In some embodiments, the driving mechanism includes a driving wheel, a driven wheel, and a synchronous belt, wherein the driving wheel and the driven wheel are both rotatably installed in one of the at least two rod bodies, and the synchronous belt is sleeved on the driving wheel and the driven wheel; the hold-in range with the supporting component is connected, so that the hold-in range drives the supporting component follows the length direction of the first body of rod removes for the first body of rod.

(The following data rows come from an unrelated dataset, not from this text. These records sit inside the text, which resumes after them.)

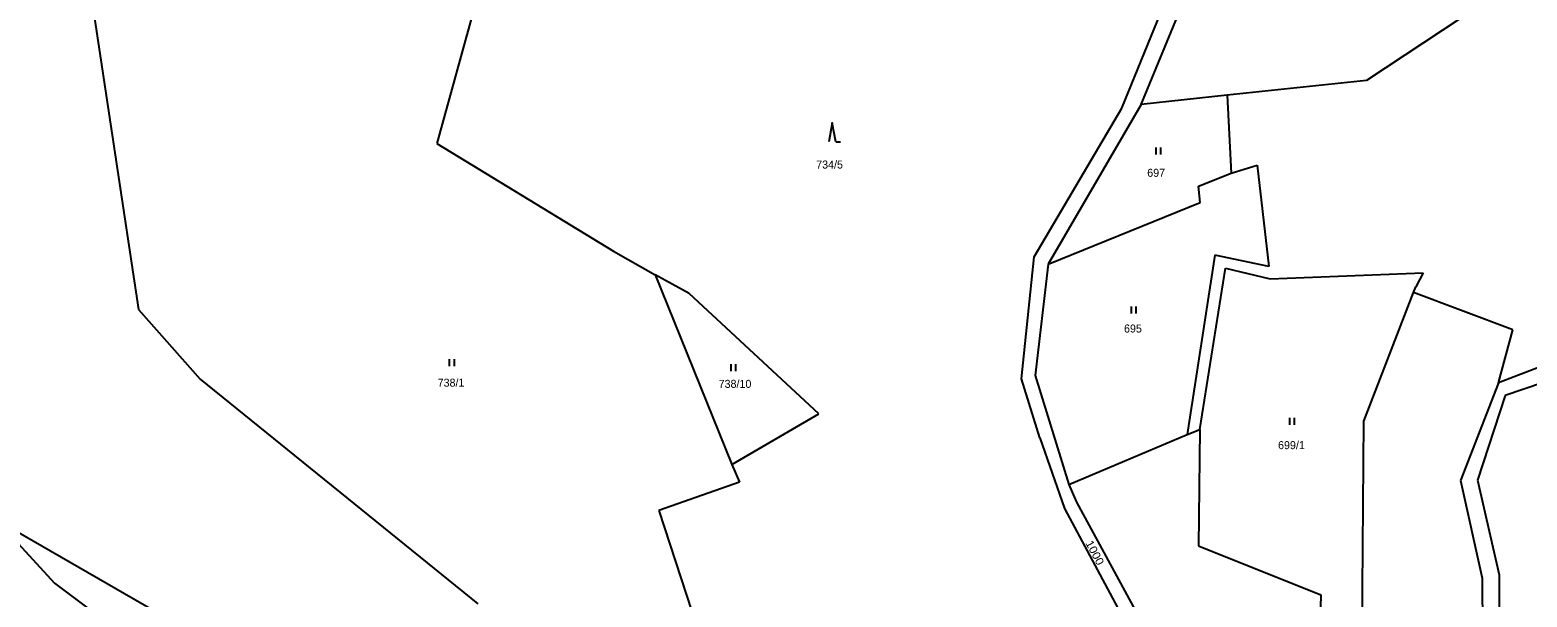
# Model space of a CAD drawing. Extents: x -744132 to -742433, y -984679 to -982287.
# Drawn here: x -743052.8 to -742734.8, y -982660.9 to -982540.5 of the extents above; entities that cross this region are included whole.
import ezdxf

# ---------------------------------------------------------------- set-up
doc = ezdxf.new("R2010")
doc.units = 0
doc.header["$LTSCALE"] = 0.68
doc.layers.add('1', color=7, linetype='Continuous', lineweight=25)
doc.layers.add('3', color=7, linetype='Continuous', lineweight=25)
doc.layers.add('2', color=7, linetype='Continuous')

msp = doc.modelspace()

# ---------------------------------------------------------------- linework, layer by layer
at = {"layer": '1'}
for p, q in [((-742956.06, -982527.23), (-742966.36, -982564.55)), ((-743040.15, -982530.76), (-743029.77, -982599.85)), ((-742820.87, -982557.06), (-742811.21, -982533.39)), ((-742816.77, -982556.28), (-742808.03, -982535.17)), ((-742744.69, -982535.17), (-742768.89, -982551.2)), ((-742768.89, -982551.2), (-742798.5, -982554.34)), ((-742798.5, -982554.34), (-742816.77, -982556.28)), ((-742798.5, -982554.34), (-742797.66, -982570.9)), ((-742839.53, -982588.68), (-742820.87, -982557.06)), ((-742816.77, -982556.28), (-742836.52, -982590.2)), ((-742966.36, -982564.55), (-742928.88, -982587.43)), ((-742797.66, -982570.9), (-742792.12, -982569.17)), ((-742792.12, -982569.17), (-742789.65, -982590.67)), ((-742804.57, -982573.63), (-742797.66, -982570.9)), ((-742804.21, -982577.12), (-742804.57, -982573.63)), ((-742836.52, -982590.2), (-742804.21, -982577.12)), ((-742928.88, -982587.43), (-742919.99, -982592.49)), ((-742842.22, -982614.55), (-742839.53, -982588.68)), ((-742801.1, -982588.28), (-742806.97, -982626.41)), ((-742789.65, -982590.67), (-742801.1, -982588.28)), ((-742912.77, -982596.45), (-742919.99, -982592.49)), ((-742919.99, -982592.49), (-742903.7, -982632.78)), ((-742836.52, -982590.2), (-742839.3, -982613.87)), ((-742804.33, -982625.3), (-742798.87, -982591.05)), ((-742798.87, -982591.05), (-742789.35, -982593.29)), ((-742789.35, -982593.29), (-742756.83, -982592.01)), ((-742756.83, -982592.01), (-742758.44, -982595.01)), ((-742758.91, -982596.23), (-742758.44, -982595.01)), ((-742885.25, -982621.97), (-742912.77, -982596.45)), ((-742769.46, -982623.53), (-742758.91, -982596.23)), ((-742737.8, -982604.17), (-742758.91, -982596.23)), ((-743029.77, -982599.85), (-743016.67, -982614.64)), ((-742740.85, -982615.41), (-742737.8, -982604.17)), ((-742703.8, -982605.92), (-742739.43, -982618.08)), ((-743016.67, -982614.64), (-742957.65, -982662.34)), ((-742838.32, -982627.08), (-742842.22, -982614.55)), ((-742839.3, -982613.87), (-742832.1, -982637)), ((-742731.79, -982611.94), (-742740.85, -982615.41)), ((-742740.85, -982615.41), (-742748.92, -982636.13)), ((-742739.43, -982618.08), (-742745.35, -982636.08)), ((-742903.7, -982632.78), (-742885.25, -982621.97)), ((-742769.83, -982672.01), (-742769.46, -982623.53)), ((-742838.32, -982627.08), (-742833.04, -982642.07)), ((-742832.1, -982637), (-742806.97, -982626.41)), ((-742806.97, -982626.41), (-742804.33, -982625.3)), ((-742804.33, -982625.3), (-742804.58, -982650.01)), ((-742903.7, -982632.78), (-742902.06, -982636.54)), ((-742902.06, -982636.54), (-742919.23, -982642.5)), ((-742832.1, -982637), (-742830.48, -982640.77)), ((-742748.92, -982636.13), (-742744.32, -982656.91)), ((-742745.35, -982636.08), (-742740.73, -982656.16)), ((-742919.23, -982642.5), (-742912.18, -982664.01)), ((-742833.04, -982642.07), (-742818.52, -982669.2)), ((-742830.48, -982640.77), (-742815.77, -982667.84)), ((-743060.05, -982644.41), (-743017.91, -982668.68)), ((-743060.05, -982644.41), (-743047.6, -982657.96)), ((-742804.58, -982650.01), (-742778.58, -982660.46)), ((-742740.73, -982656.16), (-742740.8, -982699.54)), ((-743047.6, -982657.96), (-743011.55, -982684.96)), ((-742744.32, -982656.91), (-742744.13, -982699.51)), ((-742778.58, -982660.46), (-742779.23, -982685.32))]:
    msp.add_line(p, q, dxfattribs=at)
at = {"layer": '3'}
for p, q in [((-742881.63, -982564.2), (-742880.634, -982564.2)), ((-742813.581, -982566.92), (-742813.581, -982565.42)), ((-742812.58, -982566.92), (-742812.58, -982565.42)), ((-742818.841, -982600.68), (-742818.841, -982599.18)), ((-742817.84, -982600.68), (-742817.84, -982599.18)), ((-742963.661, -982611.88), (-742963.661, -982610.38)), ((-742962.66, -982611.88), (-742962.66, -982610.38)), ((-742903.871, -982612.95), (-742903.871, -982611.45)), ((-742902.87, -982612.95), (-742902.87, -982611.45)), ((-742785.201, -982624.34), (-742785.201, -982622.84)), ((-742784.2, -982624.34), (-742784.2, -982622.84))]:
    msp.add_line(p, q, dxfattribs=at)
msp.add_lwpolyline([(-742881.63, -982564.2), (-742882.38, -982560.2), (-742883.13, -982564.2)], dxfattribs=at)

# ---------------------------------------------------------------- texts
at = {"layer": '2'}
for s, p in [('734/5', (-742885.8, -982569.895)), ('697', (-742815.48, -982571.645)), ('695', (-742820.41, -982604.725)), ('738/1', (-742966.21, -982616.225)), ('738/10', (-742906.52, -982616.475)), ('699/1', (-742787.69, -982629.495))]:
    msp.add_text(s, height=1.7, dxfattribs=at).set_placement(p)
at = {"layer": '2', "width": 1.1}
msp.add_text('1000', height=1.7, rotation=298, dxfattribs=at).set_placement((-742828.655, -982649.429))

doc.saveas('drawing.dxf')

In some embodiments, the drive mechanism further comprises a worm and a worm gear, the worm gear being mounted to the drive wheel, the worm being rotatably mounted to the rod body; the worm wheel is meshed with the worm.

In some embodiments, the drive mechanism further comprises a hand wheel fixedly mounted to the worm, and a rotational axis of the hand wheel coincides with a rotational axis of the worm.

In some embodiments, the at least two shafts comprise a first shaft and a second shaft, the first shaft being adjacent to the second shaft; one end of the first rod body is sleeved in the second rod body, the first rod body can move relative to the second rod body along the length direction of the first rod body, and the first rod body can be fixed on a preset position.

In some embodiments, the support assembly is fixedly mounted on the first rod.

In some embodiments, the support assembly is removably coupled to the stand assembly and/or the stand assembly is removably coupled to the base.

Compared with the prior art, the embodiment of the utility model provides an in the demarcation support, through two adjacent collapsible connections in at least two body of rod, so that the grudging post subassembly can be folded, thereby makes it portable to mark the support.

[ description of the drawings ]

One or more embodiments are illustrated in drawings corresponding to, and not limiting to, the embodiments, in which elements having the same reference number designation may be represented as similar elements, unless specifically noted, the drawings in the figures are not to scale.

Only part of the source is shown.